*** EXERCISE INPUT ***

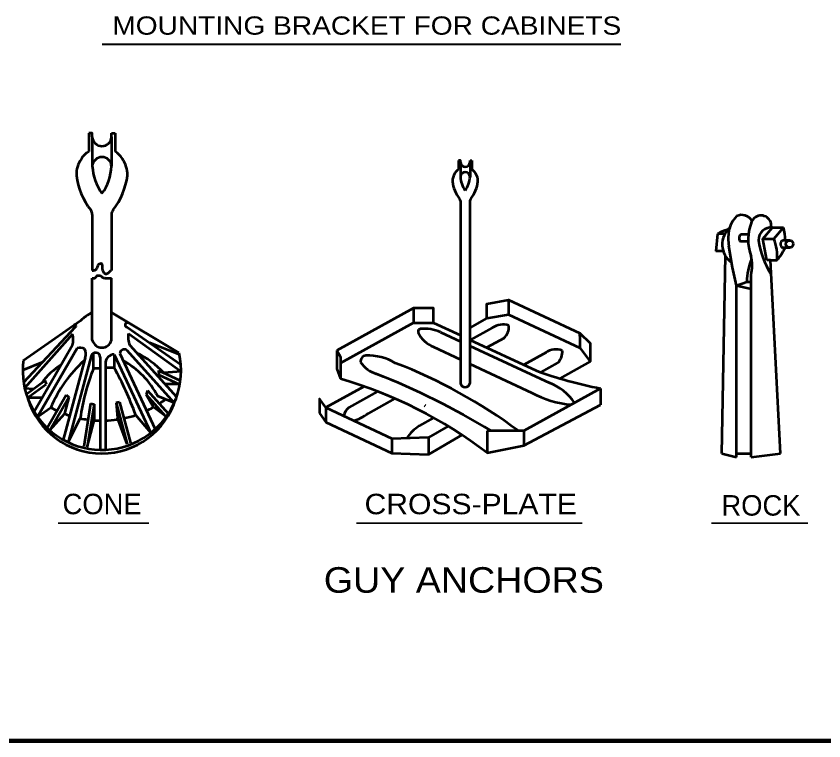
# Model space of a CAD drawing. Extents: x 14808 to 15663, y 10944 to 11488.
# Drawn here: x 15031.3 to 15163.9, y 10955.6 to 11074.7 of the extents above; entities that cross this region are included whole.
import ezdxf
from ezdxf.enums import TextEntityAlignment as Align

# ---------------------------------------------------------------- set-up
doc = ezdxf.new("R2010")
doc.units = 0
doc.header["$LTSCALE"] = 1.2
doc.layers.add('1', color=7, linetype='Continuous', lineweight=53)

msp = doc.modelspace()

# ---------------------------------------------------------------- linework, layer by layer
at = {"layer": '1', "lineweight": 40}
msp.add_line((15045.476, 11070.058), (15130.588, 11070.058), dxfattribs=at)
at = {"layer": '1'}
for p, q in [((15043.236, 11055.444), (15043.236, 11052.444)), ((15047.002, 11054.835), (15047.002, 11055.444)), ((15047.002, 11055.444), (15047.602, 11055.444)), ((15047.602, 11055.444), (15047.602, 11052.444)), ((15043.836, 11054.842), (15043.836, 11050.042)), ((15047.002, 11054.835), (15047.002, 11050.035)), ((15103.975, 11051), (15103.975, 11049.5)), ((15104.275, 11050.699), (15104.275, 11048.299)), ((15105.858, 11050.695), (15105.858, 11051)), ((15105.858, 11051), (15106.158, 11051)), ((15105.858, 11050.695), (15105.858, 11048.296)), ((15106.158, 11051), (15106.158, 11049.5)), ((15104.275, 11044.327), (15104.275, 11014.327)), ((15105.844, 11044.327), (15105.844, 11014.327)), ((15043.836, 11042.098), (15043.836, 11032.928)), ((15046.975, 11042.098), (15046.975, 11032.928)), ((15146.48, 11038.938), (15146.193, 11036.081)), ((15147.68, 11038.938), (15146.48, 11038.938)), ((15151.559, 11038.793), (15150.267, 11038.793)), ((15151.473, 11037.644), (15150.267, 11037.644)), ((15158.346, 11037.852), (15157.146, 11037.852)), ((15147.387, 11036.081), (15146.193, 11036.081)), ((15158.346, 11036.652), (15157.146, 11036.652)), ((15147.214, 11002.821), (15147.781, 11035.335)), ((15155.181, 11034.578), (15154.581, 11034.578)), ((15156.845, 11002.822), (15155.181, 11034.578)), ((15155.181, 11034.578), (15156.264, 11034.578)), ((15043.835, 11021.449), (15043.835, 11031.649)), ((15046.977, 11021.449), (15046.977, 11031.649)), ((15152.014, 11002.221), (15152.014, 11032.221)), ((15149.614, 11002.221), (15149.614, 11030.421)), ((15149.614, 11030.421), (15152.014, 11029.911)), ((15112.182, 11028.078), (15123.873, 11022.627)), ((15096.562, 11026.716), (15083.968, 11019.735)), ((15046.957, 11026.022), (15058.035, 11019.365)), ((15108.637, 11025.053), (15105.844, 11023.506)), ((15108.637, 11025.053), (15112.182, 11025.678)), ((15112.182, 11025.678), (15123.873, 11020.227)), ((15041.869, 11024.645), (15032.5, 11018.084)), ((15041.017, 11023.622), (15032.541, 11014.532)), ((15049.578, 11023.622), (15058.358, 11017.474)), ((15096.562, 11024.316), (15084.568, 11017.667)), ((15099.863, 11024.316), (15104.267, 11022.262)), ((15109.509, 11023.479), (15105.922, 11021.49)), ((15040.597, 11022.422), (15032.718, 11013.586)), ((15049.781, 11022.579), (15058.398, 11016.319)), ((15101.012, 11022.787), (15104.287, 11021.26)), ((15123.873, 11022.627), (15123.873, 11020.227)), ((15058.045, 11019.1), (15053.295, 11021.019)), ((15105.844, 11021.527), (15116.72, 11016.455)), ((15111.436, 11021.803), (15108.611, 11020.237)), ((15040.597, 11020.622), (15034.29, 11009.697)), ((15041.36, 11020.142), (15034.845, 11008.859)), ((15049.514, 11019.815), (15057.285, 11011.184)), ((15049.998, 11020.622), (15057.641, 11012.133)), ((15099.871, 11020.34), (15104.275, 11018.287)), ((15105.822, 11020.544), (15118.895, 11014.448)), ((15042.645, 11018.55), (15039.043, 11005.109)), ((15043.654, 11018.839), (15039.862, 11004.687)), ((15044.054, 11016.853), (15044.054, 11019.38)), ((15045.147, 11018.657), (15045.147, 11003.449)), ((15047.438, 11019.106), (15053.434, 11006.248)), ((15048.351, 11019.278), (15054.152, 11006.838)), ((15118.37, 11019.44), (15114.692, 11017.401)), ((15032.378, 11016.528), (15035.626, 11017.841)), ((15044.054, 11016.853), (15045.147, 11016.853)), ((15045.999, 11017.525), (15045.999, 11003.449)), ((15105.844, 11017.555), (15116.01, 11012.814)), ((15120.227, 11017.726), (15117.46, 11016.192)), ((15054.704, 11016.464), (15058.126, 11014.868)), ((15054.704, 11016.464), (15054.737, 11015.787)), ((15054.737, 11015.787), (15058.09, 11014.223)), ((15058.398, 11016.319), (15055.551, 11016.069)), ((15032.912, 11012.522), (15036.06, 11014.809)), ((15033.264, 11012.036), (15036.256, 11014.21)), ((15036.06, 11014.809), (15036.256, 11014.21)), ((15058.09, 11014.223), (15055.759, 11014.223)), ((15032.718, 11013.586), (15034.198, 11013.456)), ((15052.884, 11013.175), (15052.658, 11012.529)), ((15052.884, 11013.175), (15056.282, 11009.402)), ((15090.68, 11013.042), (15085.957, 11010.424)), ((15127.269, 11013.522), (15127.269, 11010.822)), ((15033.264, 11012.036), (15035.676, 11012.036)), ((15036.398, 11007.069), (15039.526, 11012.488)), ((15036.851, 11006.655), (15039.984, 11012.08)), ((15039.984, 11012.08), (15039.27, 11009.417)), ((15039.526, 11012.488), (15039.984, 11012.08)), ((15052.658, 11012.529), (15055.836, 11009)), ((15053.871, 11010.451), (15052.658, 11012.529)), ((15057.285, 11011.184), (15054.581, 11012.246)), ((15093.523, 11011.874), (15089.114, 11009.43)), ((15034.845, 11008.859), (15037.03, 11010.394)), ((15043.533, 11011.033), (15042.42, 11004.003)), ((15044.126, 11010.94), (15043.013, 11003.909)), ((15043.533, 11011.033), (15044.126, 11010.94)), ((15044.126, 11010.94), (15044.126, 11008.275)), ((15048.319, 11011.295), (15047.74, 11011.139)), ((15047.74, 11011.139), (15049.559, 11004.35)), ((15047.74, 11011.139), (15047.953, 11008.698)), ((15048.319, 11011.295), (15050.12, 11004.576)), ((15055.836, 11009), (15053.871, 11010.451)), ((15082.15, 11010.372), (15093.026, 11005.301)), ((15082.15, 11010.372), (15082.15, 11007.972)), ((15036.851, 11006.655), (15039.303, 11009.388)), ((15053.434, 11006.248), (15050.965, 11009.163)), ((15039.862, 11004.687), (15041.855, 11008.614)), ((15043.013, 11003.909), (15044.126, 11008.275)), ((15049.559, 11004.35), (15047.953, 11008.698)), ((15099.871, 11008.729), (15097.524, 11007.37)), ((15102.257, 11007.338), (15099.053, 11005.482)), ((15114.674, 11006.541), (15114.674, 11004.141)), ((15093.026, 11005.301), (15099.022, 11005.51)), ((15093.026, 11005.301), (15093.026, 11002.9)), ((15104.589, 11005.915), (15099.022, 11002.691)), ((15099.022, 11005.51), (15099.022, 11002.691)), ((15093.026, 11002.9), (15099.022, 11002.691)), ((15147.214, 11002.821), (15149.614, 11002.221)), ((15149.614, 11002.821), (15152.014, 11002.821)), ((15152.014, 11002.221), (15156.845, 11002.822))]:
    msp.add_line(p, q, dxfattribs=at)
at = {"layer": '1', "lineweight": 13}
for p, q in [((15120.584, 11015.179), (15120.388, 11015.066)), ((15098.347, 11010.483), (15098.602, 11010.895))]:
    msp.add_line(p, q, dxfattribs=at)
at = {"layer": '1', "lineweight": 35}
for p, q in [((15038.213, 10991.384), (15053.12, 10991.384)), ((15087.224, 10991.384), (15124.263, 10991.384)), ((15145.494, 10991.384), (15161.303, 10991.384))]:
    msp.add_line(p, q, dxfattribs=at)
at = {"layer": '1', "lineweight": 158}
msp.add_line((15656.868, 10955.64), (14865.268, 10955.64), dxfattribs=at)
at = {"layer": '1'}
for points in [[(15043.836, 11054.842), (15043.836, 11055.444), (15043.236, 11055.444)], [(15104.275, 11050.699), (15104.275, 11051), (15103.975, 11051)], [(15154.581, 11034.578), (15153.956, 11038.123), (15155.756, 11038.123), (15157.298, 11039.962)], [(15153.956, 11038.123), (15155.498, 11039.962), (15157.298, 11039.962)], [(15149.614, 11030.421), (15148.948, 11033.416), (15148.323, 11036.961)], [(15149.614, 11030.421), (15151.305, 11031.036), (15152.014, 11031.036)], [(15108.637, 11025.053), (15108.637, 11027.453), (15112.182, 11028.078), (15112.182, 11025.678)], [(15123.884, 11022.139), (15123.873, 11022.627), (15125.6, 11020.96), (15125.6, 11017.96)], [(15083.968, 11019.735), (15084.568, 11018.695), (15084.568, 11015.096)], [(15083.968, 11019.735), (15083.968, 11016.735), (15084.568, 11015.096)], [(15123.873, 11020.227), (15125.6, 11017.96), (15120.584, 11015.179)], [(15047.438, 11019.106), (15047.438, 11016.938), (15045.999, 11016.938)], [(15088.448, 11013.863), (15082.15, 11010.372), (15081.118, 11011.846), (15081.118, 11009.446)], [(15127.269, 11013.522), (15114.674, 11006.541), (15108.674, 11006.541)], [(15108.674, 11006.541), (15108.674, 11002.941), (15114.674, 11004.141), (15127.269, 11010.822)], [(15081.118, 11009.446), (15082.15, 11007.972), (15093.026, 11002.9)]]:
    msp.add_lwpolyline(points, dxfattribs=at)
msp.add_lwpolyline([(15099.863, 11024.316), (15099.863, 11026.716), (15096.562, 11026.716), (15096.562, 11024.316)], close=True, dxfattribs=at)
msp.add_circle((15158.324, 11037.257), 0.6, dxfattribs=at)
for centre, radius, start, end in [((15045.419, 11054.929), 1.586, 183.14868, 356.60343), ((15044.755, 11049.725), 3.115, 119.19068, 150.80932), ((15045.419, 11049.948), 1.586, 3.15687, 176.59703), ((15046.056, 11049.725), 3.115, 29.19068, 60.80932), ((15045.607, 11048.689), 4.39, 144.42176, 182.06662), ((15052.49, 11050.55), 8.669, 183.35766, 215.34932), ((15038.348, 11050.543), 8.669, 324.65068, 356.64234), ((15045.204, 11048.689), 4.39, 357.93338, 35.57824), ((15105.066, 11050.742), 0.793, 183.14868, 356.60343), ((15105.16, 11047.622), 2.195, 144.42176, 182.06662), ((15104.734, 11048.14), 1.557, 119.19068, 150.80932), ((15105.066, 11048.252), 0.793, 3.15687, 176.59703), ((15105.385, 11048.14), 1.557, 29.19068, 60.80932), ((15104.959, 11047.622), 2.195, 357.93338, 35.57824), ((15052.352, 11049.812), 11.207, 186.56595, 218.44896), ((15038.459, 11049.812), 11.207, 321.55104, 353.43405), ((15108.533, 11048.184), 5.603, 186.56595, 218.44896), ((15108.602, 11048.553), 4.334, 183.35766, 215.34932), ((15101.531, 11048.549), 4.334, 324.65068, 356.64234), ((15101.586, 11048.184), 5.603, 321.55104, 353.43405), ((15103.675, 11044.327), 0.6, 0, 38.44896), ((15106.444, 11044.327), 0.6, 141.55104, 180), ((15042.636, 11042.098), 1.2, 0, 38.44896), ((15048.175, 11042.098), 1.2, 141.55104, 180), ((15150.478, 11040.139), 1.891, 27.27122, 117.20122), ((15153.357, 11038.287), 5.148, 136.6517, 167.95246), ((15159.359, 11037.974), 7.844, 156.78247, 200.56684), ((15156.328, 11038.045), 5.157, 137.75004, 144.12043), ((15153.634, 11040.244), 1.694, 354.19595, 131.52888), ((15148.731, 11035.508), 4.103, 98.89517, 123.27294), ((15150.871, 11037.201), 3.61, 130.0252, 235.18403), ((15159.764, 11038.161), 11.504, 174.01262, 185.98737), ((15155.283, 11037.897), 2.076, 84.04734, 179.89391), ((15150.927, 11038.039), 6.654, 358.55245, 16.7912), ((15150.822, 11038.219), 0.799, 133.97941, 226.02058), ((15148.149, 11035.224), 8.14, 355.44941, 20.86555), ((15167.388, 11039.908), 14.322, 188.05699, 211.90806), ((15157.571, 11037.252), 0.736, 125.33791, 234.66209), ((15147.68, 11041.48), 11.014, 321.19678, 333.99968), ((15161.33, 11030.933), 10.026, 157.16459, 179.40955), ((15145.323, 11033.721), 6.857, 347.36391, 12.63609), ((15047.508, 11018.685), 8.205, 116.58954, 133.41014), ((15040.964, 11023.814), 0.199, 285.47106, 119.84894), ((15049.565, 11023.977), 0.355, 72.34222, 272.05741), ((15111.236, 11021.053), 2.978, 70.73362, 125.44724), ((15109.758, 11023.63), 2.473, 312.2199, 5.43688), ((15037.106, 11021.522), 3.605, 345.54353, 14.45647), ((15052.507, 11021.891), 2.812, 165.83192, 206.84011), ((15097.788, 11022.877), 0.46, 85.12517, 207.35251), ((15101.601, 11024.685), 4.677, 204.55458, 248.28903), ((15098.222, 11016.12), 7.227, 67.29002, 93.88305), ((15045.406, 11021.877), 1.628, 195.24731, 344.75269), ((15041.776, 11018.508), 1.687, 63.18198, 104.27978), ((15041.187, 11019.177), 1.588, 336.72582, 31.75765), ((15049.087, 11019.211), 0.739, 54.79805, 174.78973), ((15120.022, 11016.973), 2.978, 70.73362, 125.44724), ((15118.543, 11019.55), 2.473, 312.2199, 5.43688), ((15045.399, 11016.449), 13, 172.76636, 12.86069), ((15044.385, 11018.623), 0.762, 2.53809, 163.55027), ((15047.415, 11017.681), 1.425, 89.05434, 186.28866), ((15045.238, 11006.792), 13.871, 41.97741, 64.76098), ((15088.836, 11017.975), 0.958, 94.88611, 188.90189), ((15089.089, 11010.192), 8.744, 59.08543, 92.19679), ((15045.98, 11006.314), 13.277, 122.96526, 142.37873), ((15056.394, 11002.431), 20.938, 131.72438, 157.64771), ((15074.803, 11004.232), 33.238, 157.68458, 172.42454), ((14993.415, 10987.747), 61.405, 20.41201, 28.38414), ((15042.229, 11005.916), 13.88, 27.13242, 61.23505), ((15091.672, 11020.287), 4.512, 213.03543, 254.05828), ((15064.345, 10940.826), 82.24, 53.04115, 69.17556), ((15044.01, 10898.87), 125.946, 58.74865, 68.37109), ((15141.212, 11084.111), 71.953, 250.09888, 258.8259), ((15064.57, 10945.45), 72.46, 52.50633, 73.9788), ((15105.059, 11014.54), 0.813, 195.19877, 344.80123), ((15115.733, 11006.265), 8.773, 33.93256, 68.86981), ((15045.399, 11015.562), 12.713, 196.98242, 343.01758), ((15045.399, 11025.649), 17.4, 302.79246, 306.95206), ((15123.754, 11026.865), 16.044, 241.1379, 265.46719), ((15045.399, 11025.649), 17.4, 241.25089, 244.7288), ((15045.399, 11025.649), 17.4, 294.68825, 298.86032), ((15087.638, 11008.454), 2.59, 130.48502, 167.67788), ((15045.399, 11025.649), 17.4, 249.43644, 252.21677), ((15045.399, 11025.649), 17.4, 282.12514, 288.50814), ((15085.312, 11014.209), 6.107, 282.65039, 308.50672), ((15045.399, 11025.649), 17.4, 258.07352, 262.19692), ((15045.399, 11025.649), 17.4, 265.78587, 269.16942), ((15045.399, 11025.649), 17.4, 271.8867, 278.3643), ((15100.915, 11001.785), 6.534, 121.25992, 146.56057)]:
    msp.add_arc(centre, radius, start, end, dxfattribs=at)
for points in [[(15043.836, 11032.928), (15044.365, 11033.007), (15044.673, 11033.47), (15044.981, 11033.984), (15045.29, 11034.087), (15045.444, 11033.573), (15045.444, 11033.162), (15045.598, 11032.75), (15045.907, 11032.391), (15046.369, 11032.442), (15046.832, 11032.853), (15046.975, 11032.928)], [(15043.835, 11031.649), (15044.171, 11031.666), (15044.408, 11031.785), (15044.626, 11032.061), (15044.843, 11032.101), (15045.238, 11032.002), (15045.456, 11031.824), (15045.95, 11031.666), (15046.325, 11031.646), (15046.977, 11031.649)]]:
    msp.add_spline(points, degree=3, dxfattribs=at)

# ---------------------------------------------------------------- texts
at = {"layer": '1', "width": 1.15}
msp.add_text('MOUNTING BRACKET FOR CABINETS', height=3, dxfattribs=at).set_placement((15047.121, 11071.641))
at = {"layer": '1'}
for s, p in [('CONE', (15045.441, 10992.866)), ('ROCK', (15153.624, 10992.64))]:
    msp.add_text(s, height=3.36, dxfattribs=at).set_placement(p, align=Align.CENTER)
at = {"layer": '1', "width": 1.1}
for s, height, p in [('CROSS-PLATE', 3.36, (15105.969, 10992.866)), ('GUY ANCHORS', 4.2, (15104.84, 10979.969))]:
    msp.add_text(s, height=height, dxfattribs=at).set_placement(p, align=Align.CENTER)

doc.saveas('drawing.dxf')

*** End of EXERCISE INPUT ***

TASK DIRECTIONS ->
Search the data above for the word "CENTER", then gather each line in which it appears.

COMPLETED TASK ->
    msp.add_text(s, height=3.36, dxfattribs=at).set_placement(p, align=Align.CENTER)
    msp.add_text(s, height=height, dxfattribs=at).set_placement(p, align=Align.CENTER)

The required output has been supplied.